Radiation Oncology Section Report
Report to the membership by the Representative of Radiation Oncology to the Executive Committee of MRS (for PDF click here)
Date: February 2010
The field of Radiation Oncology continues to be in a state of flux with new technologies continuously being brought into clinical practice in effort to improve patient outcomes. With implementation of new technology into the clinic comes both excitement and uncertainty in treating cancer patients. Many years ago, cancer was treated with simple two-field or four-field techniques and maximal treatment dosages were limited by the radiation tolerance of large volumes of surrounding normal tissue. In this modern era patients can expect to have choices of treatment modalities. For example, whereas prostate cancer used to be treated by rotational or four-field box techniques, now we have at our disposal 3-D conformal radiation, Intensity Modulated Radiation Therapy (IMRT), prostate brachytherapy, proton therapy, and, more recently, Image-Guided Radiation Therapy (IGRT). These technologies facilitate tumor radiation dose escalation while still respecting tissue tolerance of adjacent normal organs. Whereas breast cancer was treated by simple tangential fields, one may now opt to treat by 3-D conformal, breast IMRT, as well as accelerated Partial Breast Irradiation delivered via either external beam therapy or temporary placement of an internal high-dose-rate brachytherapy applicator. The internet has allowed patients to be much more informed, and they often consult with a physician armed with extensive information on their particular disease.

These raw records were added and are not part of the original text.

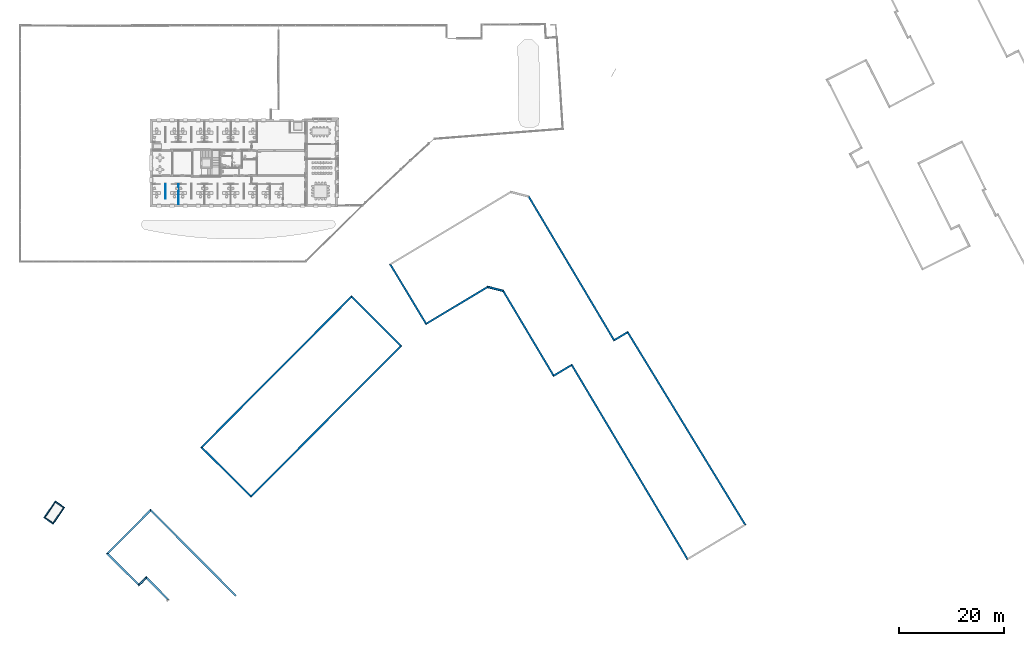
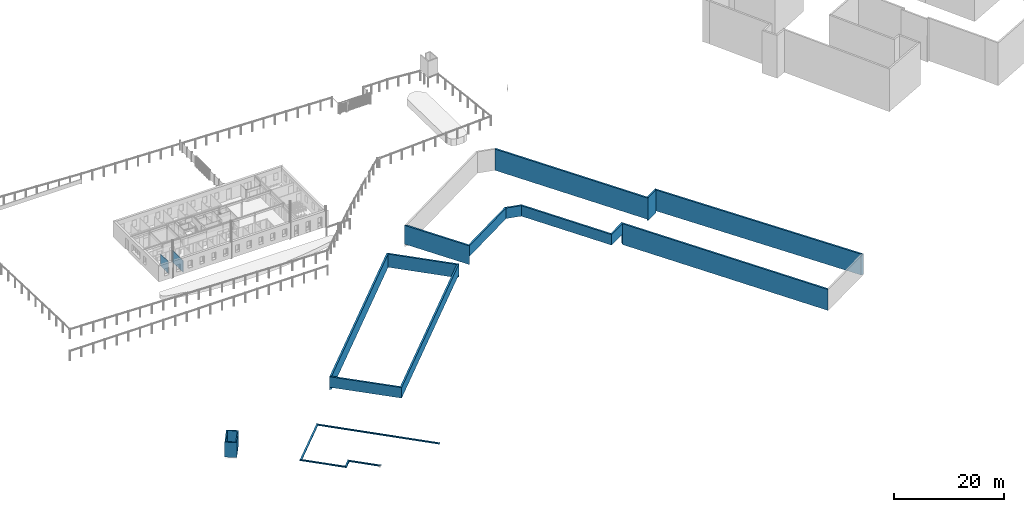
# One storey, part 12 of 91: 24 walls.
"""IFC2X3 building model written with IfcOpenShell, lengths in metres."""

from ifc_helpers import new_model, entity, si_unit, converted_unit, derived_unit, money_unit, direction, frame, origin_with_axes, place, context, subcontext, project, spatial, polyline, outline, extrude, material, layer, layer_set, layer_usage, type_object, element, save


model = new_model("IFC2X3")

# Units and contexts
model_context = context("Model", 3, precision=1e-05, world=origin_with_axes(), true_north=direction((0.0, 1.0)))
body_context = subcontext(model_context, "Body", "Model", "MODEL_VIEW")
ifc_project = project(units=[si_unit("LENGTHUNIT", "METRE"), si_unit("AREAUNIT", "SQUARE_METRE"), si_unit("VOLUMEUNIT", "CUBIC_METRE"), converted_unit("PLANEANGLEUNIT", "DEGREE", entity("IfcPlaneAngleMeasure", 0.0174532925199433), si_unit("PLANEANGLEUNIT", "RADIAN"), dimensions=[0, 0, 0, 0, 0, 0, 0]), money_unit("EUR"), converted_unit("TIMEUNIT", "Year", entity("IfcTimeMeasure", 31557600.0), si_unit("TIMEUNIT", "SECOND"), dimensions=[0, 0, 1, 0, 0, 0, 0]), si_unit("MASSUNIT", "GRAM", prefix="KILO"), si_unit("THERMODYNAMICTEMPERATUREUNIT", "DEGREE_CELSIUS"), si_unit("LUMINOUSINTENSITYUNIT", "LUMEN"), si_unit("ENERGYUNIT", "JOULE", prefix="MEGA"), derived_unit("THERMALCONDUCTANCEUNIT", [(si_unit("POWERUNIT", "WATT"), 1), (si_unit("LENGTHUNIT", "METRE"), -1), (si_unit("THERMODYNAMICTEMPERATUREUNIT", "KELVIN"), -1)]), derived_unit("SPECIFICHEATCAPACITYUNIT", [(si_unit("ENERGYUNIT", "JOULE"), 1), (si_unit("MASSUNIT", "GRAM", prefix="KILO"), -1), (si_unit("THERMODYNAMICTEMPERATUREUNIT", "KELVIN"), -1)]), derived_unit("MASSDENSITYUNIT", [(si_unit("MASSUNIT", "GRAM", prefix="KILO"), 1), (si_unit("VOLUMEUNIT", "CUBIC_METRE"), -1)])], contexts=[model_context])

# Site, building, storey
site_placement = place(None, origin_with_axes())
site = spatial("IfcSite", under=ifc_project, at=site_placement, Name="Site", CompositionType="ELEMENT")
building_placement = place(site_placement, origin_with_axes())
building = spatial("IfcBuilding", under=site, at=building_placement, Name="Bâtiment", CompositionType="ELEMENT")
storey_placement = place(building_placement, origin_with_axes())
storey = spatial("IfcBuildingStorey", under=building, at=storey_placement, Name="RDC", CompositionType="ELEMENT", Elevation=0.0)

# Walls
ifc_material_1 = material(Name="*GENERIQUE - ENDUIT EXT")
ifc_layer_1 = layer(ifc_material_1, 0.02, ventilated="UNKNOWN")
ifc_material_2 = material(Name="*GENERIQUE - MAÇONNERIE")
ifc_layer_2 = layer(ifc_material_2, 0.2, ventilated="UNKNOWN")
ifc_material_3 = material(Name="*GENERIQUE - ISOLATION INT")
ifc_layer_3 = layer(ifc_material_3, 0.12, ventilated="UNKNOWN")
ifc_material_4 = material(Name="*PLAQUE DE PLATRE - DOUBLAGE")
ifc_layer_4 = layer(ifc_material_4, 0.013, ventilated="UNKNOWN")
ifc_layer_set_1 = layer_set([ifc_layer_1, ifc_layer_2, ifc_layer_3, ifc_layer_4], Name="*Mur MITI 36")
ifc_layer_usage_1 = layer_usage(ifc_layer_set_1, "AXIS2", "POSITIVE", -0.02)
wall_type_1 = type_object("IfcWallType", Name="*Mur MITI 36 353", PredefinedType="NOTDEFINED")
wall_1_placement = place(storey_placement, frame((23.89065227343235, -98.08815635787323, 3.204798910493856), z_axis=(0.0, 0.0, 1.0), x_axis=(0.7056807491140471, -0.708529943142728, 0.0)))
element("IfcWallStandardCase", 1, at=wall_1_placement, inside=storey, type_object=wall_type_1, material=ifc_layer_usage_1, Name="MC_AGL_Ext-062", context=body_context, shape_type="SweptSolid", body=[
    extrude(outline(polyline([(0.01988009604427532, -0.02000000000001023), (5.568738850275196, -0.01999999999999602), (5.921419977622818, 0.3330000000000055), (-0.3310035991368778, 0.3330000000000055), (0.01988009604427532, -0.02000000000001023)])), origin_with_axes(), (0.0, 0.0, 1.0), 0.1352010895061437),
])
ifc_layer_usage_2 = layer_usage(ifc_layer_set_1, "AXIS2", "POSITIVE", -0.02)
wall_2_placement = place(storey_placement, frame((16.26791264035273, -93.30924011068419, 3.204798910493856), z_axis=(0.0, 0.0, 1.0), x_axis=(0.7077792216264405, -0.7064337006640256, 0.0)))
element("IfcWallStandardCase", 2, at=wall_2_placement, inside=storey, type_object=wall_type_1, material=ifc_layer_usage_2, Name="MC_AGL_Ext-062", context=body_context, shape_type="SweptSolid", body=[
    extrude(outline(polyline([(-0.01998600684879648, -0.02000000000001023), (8.77304347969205, -0.02000000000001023), (8.423199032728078, 0.3329999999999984), (0.3327670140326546, 0.3329999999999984), (-0.01998600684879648, -0.02000000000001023)])), origin_with_axes(), (0.0, 0.0, 1.0), 0.1352010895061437),
])
ifc_layer_usage_3 = layer_usage(ifc_layer_set_1, "AXIS2", "POSITIVE", -0.02)
wall_3_placement = place(storey_placement, frame((22.46326148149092, -99.49281130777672, 3.204798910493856), z_axis=(0.0, 0.0, 1.0), x_axis=(0.712760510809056, 0.7014074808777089, 0.0)))
element("IfcWallStandardCase", 3, at=wall_3_placement, inside=storey, type_object=wall_type_1, material=ifc_layer_usage_3, Name="MC_AGL_Ext-062", context=body_context, shape_type="SweptSolid", body=[
    extrude(outline(polyline([(-0.01982121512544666, -0.01999999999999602), (1.982743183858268, -0.01999999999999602), (2.333626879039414, 0.3329999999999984), (0.3300232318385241, 0.3329999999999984), (-0.01982121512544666, -0.01999999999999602)])), origin_with_axes(), (0.0, 0.0, 1.0), 0.1352010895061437),
])
ifc_layer_usage_4 = layer_usage(ifc_layer_set_1, "AXIS2", "POSITIVE", -0.02)
wall_4_placement = place(storey_placement, frame((41.05124828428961, -101.2420816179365, 3.204798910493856), z_axis=(0.0, 0.0, 1.0), x_axis=(-0.7060929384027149, 0.7081191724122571, 0.0)))
element("IfcWallStandardCase", 4, at=wall_4_placement, inside=storey, type_object=wall_type_1, material=ifc_layer_usage_4, Name="MC_AGL_Ext-064", context=body_context, shape_type="SweptSolid", body=[
    extrude(outline(polyline([(0.0, -0.01999999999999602), (23.17364681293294, -0.01999999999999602), (22.81955644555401, 0.3329999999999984), (0.0, 0.3329999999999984), (0.0, -0.01999999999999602)])), origin_with_axes(), (0.0, 0.0, 1.0), 0.1352010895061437),
])
ifc_layer_usage_5 = layer_usage(ifc_layer_set_1, "AXIS2", "POSITIVE", -0.02)
wall_5_placement = place(storey_placement, frame((70.0213957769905, -38.30799339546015, -0.8221623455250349), z_axis=(0.0, 0.0, 1.0), x_axis=(0.5158196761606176, -0.8566971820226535, 0.0)))
element("IfcWallStandardCase", 5, at=wall_5_placement, inside=storey, type_object=wall_type_1, material=ifc_layer_usage_5, Name="MC_AGL_Ext-045", context=body_context, shape_type="SweptSolid", body=[
    extrude(outline(polyline([(-0.02002691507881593, -0.02000000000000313), (13.52509505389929, -0.01999999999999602), (13.17290351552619, 0.3330000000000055), (0.3334481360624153, 0.3330000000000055), (-0.02002691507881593, -0.02000000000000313)])), origin_with_axes(), (0.0, 0.0, 1.0), 4.162162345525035),
])
ifc_layer_usage_6 = layer_usage(ifc_layer_set_1, "AXIS2", "POSITIVE", -0.02)
wall_6_placement = place(storey_placement, frame((76.98761316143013, -49.87780951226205, 1.0), z_axis=(0.0, 0.0, 1.0), x_axis=(0.8578776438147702, 0.513854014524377, 0.0)))
element("IfcWallStandardCase", 6, at=wall_6_placement, inside=storey, type_object=wall_type_1, material=ifc_layer_usage_6, Name="MC_AGL_Ext-046", context=body_context, shape_type="SweptSolid", body=[
    extrude(outline(polyline([(-0.0199541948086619, -0.02000000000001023), (13.74070327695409, -0.01999999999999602), (13.88831691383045, 0.3329999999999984), (0.332237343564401, 0.3329999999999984), (-0.0199541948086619, -0.02000000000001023)])), origin_with_axes(), (0.0, 0.0, 1.0), 2.34),
])
ifc_layer_usage_7 = layer_usage(ifc_layer_set_1, "AXIS2", "POSITIVE", -0.02)
wall_7_placement = place(storey_placement, frame((88.78263006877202, -42.81279641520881, 1.0), z_axis=(0.0, 0.0, 1.0), x_axis=(0.9682984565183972, -0.24979611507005, 0.0)))
element("IfcWallStandardCase", 7, at=wall_7_placement, inside=storey, type_object=wall_type_1, material=ifc_layer_usage_7, Name="MC_AGL_Ext-047", context=body_context, shape_type="SweptSolid", body=[
    extrude(outline(polyline([(0.00836337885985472, -0.01999999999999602), (2.876154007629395, -0.01999999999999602), (3.021637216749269, 0.3329999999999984), (-0.1392502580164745, 0.3329999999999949), (0.00836337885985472, -0.01999999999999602)])), origin_with_axes(), (0.0, 0.0, 1.0), 2.34),
])
ifc_layer_usage_8 = layer_usage(ifc_layer_set_1, "AXIS2", "POSITIVE", -0.02)
wall_8_placement = place(storey_placement, frame((91.57558692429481, -43.53330750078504, 1.0), z_axis=(0.0, 0.0, 1.0), x_axis=(0.5111150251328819, -0.8595123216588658, 0.0)))
element("IfcWallStandardCase", 8, at=wall_8_placement, inside=storey, type_object=wall_type_1, material=ifc_layer_usage_8, Name="MC_AGL_Ext-048", context=body_context, shape_type="SweptSolid", body=[
    extrude(outline(polyline([(0.008242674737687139, -0.01999999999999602), (18.87495966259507, -0.01999999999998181), (18.5217841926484, 0.3329999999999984), (-0.1372405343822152, 0.3329999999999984), (0.008242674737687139, -0.01999999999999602)])), origin_with_axes(), (0.0, 0.0, 1.0), 2.34),
])
ifc_layer_usage_9 = layer_usage(ifc_layer_set_1, "AXIS2", "POSITIVE", -0.02)
wall_9_placement = place(storey_placement, frame((101.2126350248, -59.73936911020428, 1.0), z_axis=(0.0, 0.0, 1.0), x_axis=(0.8592582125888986, 0.5115421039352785, 0.0)))
element("IfcWallStandardCase", 9, at=wall_9_placement, inside=storey, type_object=wall_type_1, material=ifc_layer_usage_9, Name="MC_AGL_Ext-049", context=body_context, shape_type="SweptSolid", body=[
    extrude(outline(polyline([(-0.02000994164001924, -0.02000000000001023), (3.993295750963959, -0.02000000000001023), (4.346201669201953, 0.3329999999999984), (0.3331655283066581, 0.3329999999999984), (-0.02000994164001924, -0.02000000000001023)])), origin_with_axes(), (0.0, 0.0, 1.0), 2.34),
])
ifc_layer_usage_10 = layer_usage(ifc_layer_set_1, "AXIS2", "POSITIVE", -0.02)
wall_10_placement = place(storey_placement, frame((104.6610877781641, -57.68640208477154, -1.312532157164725), z_axis=(0.0, 0.0, 1.0), x_axis=(0.5117711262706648, -0.8591218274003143, 0.0)))
element("IfcWallStandardCase", 10, at=wall_10_placement, inside=storey, type_object=wall_type_1, material=ifc_layer_usage_10, Name="MC_AGL_Ext-050", context=body_context, shape_type="SweptSolid", body=[
    extrude(outline(polyline([(0.01999466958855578, -0.02000000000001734), (42.96448305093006, -0.02000000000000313), (42.61161473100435, 0.3329999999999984), (-0.3329112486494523, 0.3329999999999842), (0.01999466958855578, -0.02000000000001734)])), origin_with_axes(), (0.0, 0.0, 1.0), 4.652532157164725),
])
ifc_layer_usage_11 = layer_usage(ifc_layer_set_1, "AXIS2", "POSITIVE", -0.02)
wall_11_placement = place(storey_placement, frame((137.8802158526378, -87.89024505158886, -1.312532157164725), z_axis=(0.0, 0.0, 1.0), x_axis=(-0.5209571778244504, 0.8535828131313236, 0.0)))
element("IfcWallStandardCase", 11, at=wall_11_placement, inside=storey, type_object=wall_type_1, material=ifc_layer_usage_11, Name="MC_AGL_Ext-052", context=body_context, shape_type="SweptSolid", body=[
    extrude(outline(polyline([(-0.02022324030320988, -0.01999999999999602), (43.2009027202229, -0.01999999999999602), (42.85128309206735, 0.3329999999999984), (0.3367169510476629, 0.3329999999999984), (-0.02022324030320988, -0.01999999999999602)])), origin_with_axes(), (0.0, 0.0, 1.0), 4.652532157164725),
])
ifc_layer_usage_12 = layer_usage(ifc_layer_set_1, "AXIS2", "POSITIVE", -0.02)
wall_12_placement = place(storey_placement, frame((115.3847148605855, -51.03160515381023, -1.767377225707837), z_axis=(0.0, 0.0, 1.0), x_axis=(-0.8585559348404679, -0.5127199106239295, 0.0)))
element("IfcWallStandardCase", 12, at=wall_12_placement, inside=storey, type_object=wall_type_1, material=ifc_layer_usage_12, Name="MC_AGL_Ext-053", context=body_context, shape_type="SweptSolid", body=[
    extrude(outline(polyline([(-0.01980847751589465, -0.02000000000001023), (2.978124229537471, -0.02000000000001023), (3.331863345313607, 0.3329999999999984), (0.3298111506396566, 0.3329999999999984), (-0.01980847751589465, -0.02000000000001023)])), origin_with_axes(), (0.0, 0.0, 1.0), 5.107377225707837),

It is crucial that Radiation Oncologists and Medical Physicists maintain a high standard to provide patients with the best possible care. I would encourage all radiation facilities to become accredited through the ACR to ensure that high level of performance. It is especially important to regulate the quality of new facilities in our state, and the Massachusetts Radiological Society is committed to this. An article in the Boston Globe in September 2006 stated that, due to the rise in the number of cancer patients, there will be a need for additional radiation facilities statewide. The efficacy of radiation therapy in the treatment of cancer patients has been highlighted in subsequent Boston Globe articles. In counterpoint, a January 2010 New York Times article on a New York City hospital patient’s catastrophic injuries from repeated radiation misadministration in the first days of treatment underscores the need for radiation oncology clinicians and physicists to understand the need for appropriate, rigorous quality assurance practices to be in place whenever new technology is brought into the clinic.
In addition, the MRS continues to work closely with the Carrier Advisory Committee both statewide and nationally, and with CARROS, the ASTRO liaison to the ACR, to keep Radiation Oncologists and Medical Physicists well informed on new government regulations, reimbursement issues, and state-of-the-art treatment modalities in our field.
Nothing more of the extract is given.